In The Art of Stillness—a TED Books release—Iyer investigate the lives of people who have made a life seeking stillness: from Matthieu Ricard, a Frenchman with a PhD in molecular biology who left a promising scientific career to become a Tibetan monk, to revered singer-songwriter Leonard Cohen, who traded the pleasures of the senses for several years of living the near-silent life of meditation as a Zen monk. Iyer also draws on his own experiences as a travel writer to explore why advances in technology are making us more likely to retreat. He reflects that this is perhaps the reason why many people—even those with no religious commitment—seem to be turning to yoga, or meditation, or seeking silent retreats. These aren't New Age fads so much as ways to rediscover the wisdom of an earlier age. Growing trends like observing an “Internet Sabbath”—turning off online connections from Friday night to Monday morning—highlight how increasingly desperate many of us are to unplug and bring stillness into our lives.

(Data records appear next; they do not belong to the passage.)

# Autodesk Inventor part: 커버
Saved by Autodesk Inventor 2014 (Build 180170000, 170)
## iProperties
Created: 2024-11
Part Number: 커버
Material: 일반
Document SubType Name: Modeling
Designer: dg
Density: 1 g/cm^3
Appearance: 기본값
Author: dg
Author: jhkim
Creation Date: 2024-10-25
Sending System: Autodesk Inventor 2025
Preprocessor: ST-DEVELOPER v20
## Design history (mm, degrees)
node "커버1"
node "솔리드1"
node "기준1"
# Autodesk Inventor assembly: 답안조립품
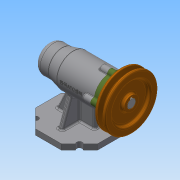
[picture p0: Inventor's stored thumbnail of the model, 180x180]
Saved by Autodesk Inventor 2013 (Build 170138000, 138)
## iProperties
Created: 2019-12
Part Number: 답안조립품
Document SubType Name: Assembly
Designer: Administrator
Author: Administrator
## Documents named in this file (12)
- C:\Users\Administrator\Desktop\491204V1024\답안조립품.iam
- C:\Users\Administrator\Desktop\491204V1024\본체.ipt
- C:\Users\Administrator\Desktop\491204V1024\베어링 51202.ipt
- C:\Users\Administrator\Desktop\491204V1024\어댑터슬리브.ipt
- C:\Users\Administrator\Desktop\491204V1024\볼트 M4.ipt
- C:\Users\Administrator\Desktop\491204V1024\베어링 6004.ipt
- C:\Users\Administrator\Desktop\491204V1024\축.ipt
- C:\Users\Administrator\Desktop\491204V1024\커버.ipt
- C:\Users\Administrator\Desktop\491204V1024\오일 실.ipt
- C:\Users\Administrator\Desktop\491204V1024\멈춤나사 M3.ipt
- C:\Users\Administrator\Desktop\491204V1024\키 5 x 5 x 16.ipt
- C:\Users\Administrator\Desktop\491204V1024\V벨트풀리.ipt
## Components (1 placed, 1 different names)
1. V벨트풀리:1 — 각도:2
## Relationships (1: Angle 1)
- 각도:2 [Angle]: V벨트풀리:1
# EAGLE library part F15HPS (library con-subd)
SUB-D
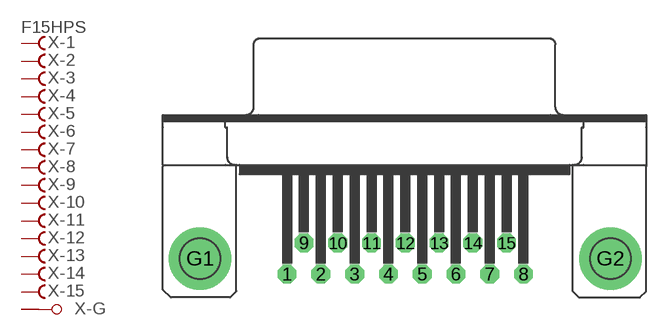
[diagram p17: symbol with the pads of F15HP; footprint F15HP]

Designator prefix X; gates -2=F -3=F -4=F -5=F -6=F -7=F -8=F -9=F -10=F -11=F -12=F -13=F -14=F -15=F -G=GND -1=FV

## F15HPS (OC_FARNELL: unknown; OC_NEWARK: unknown)  [F15HP]
1  -1:F  pas
2  -2:F  pas
3  -3:F  pas
4  -4:F  pas
5  -5:F  pas
6  -6:F  pas
7  -7:F  pas
8  -8:F  pas
9  -9:F  pas
10  -10:F  pas
11  -11:F  pas
12  -12:F  pas
13  -13:F  pas
14  -14:F  pas
15  -15:F  pas
G1  -G:G1  pas
G2  -G:G2  pas

## Footprint F15HP (pad centres in mm)
SUB-D
drill 1.016 octagon: 1 -9.601,-1.27; 2 -6.858,-1.27; 3 -4.115,-1.27; 4 -1.372,-1.27; 5 1.372,-1.27; 6 4.115,-1.27; 7 6.858,-1.27; 8 9.601,-1.27; 9 -8.23,1.27; 10 -5.486,1.27; 11 -2.743,1.27; 12 0,1.27; 13 2.743,1.27; 14 5.486,1.27; 15 8.23,1.27
drill 3.302 pad 5.08 round: G1 -16.662,0; G2 16.662,0

The Art of Stillness paints a picture of why so many—from Marcel Proust to Mahatma Gandhi to Emily Dickinson—have found richness in stillness. Ultimately, Iyer shows that, in this age of constant movement and connectedness, perhaps staying in one place is a more exciting prospect, and a greater necessity than ever before.
In 2013, Pico Iyer gave a blockbuster TED Talk. This lyrical and inspiring book expands on a new idea, offering a way forward for all those feeling affected by the frenetic pace of our modern world.
Pico Iyer
Pico Iyer is the author of six works of nonfiction and two novels. He has covered the Tibetan question for Time, The New Yorker, The New York Times, The New York Review of Books, and many other publications for more than twenty years. He has been traveling in and around Tibetan communities and the Himalayas for more than thirty years.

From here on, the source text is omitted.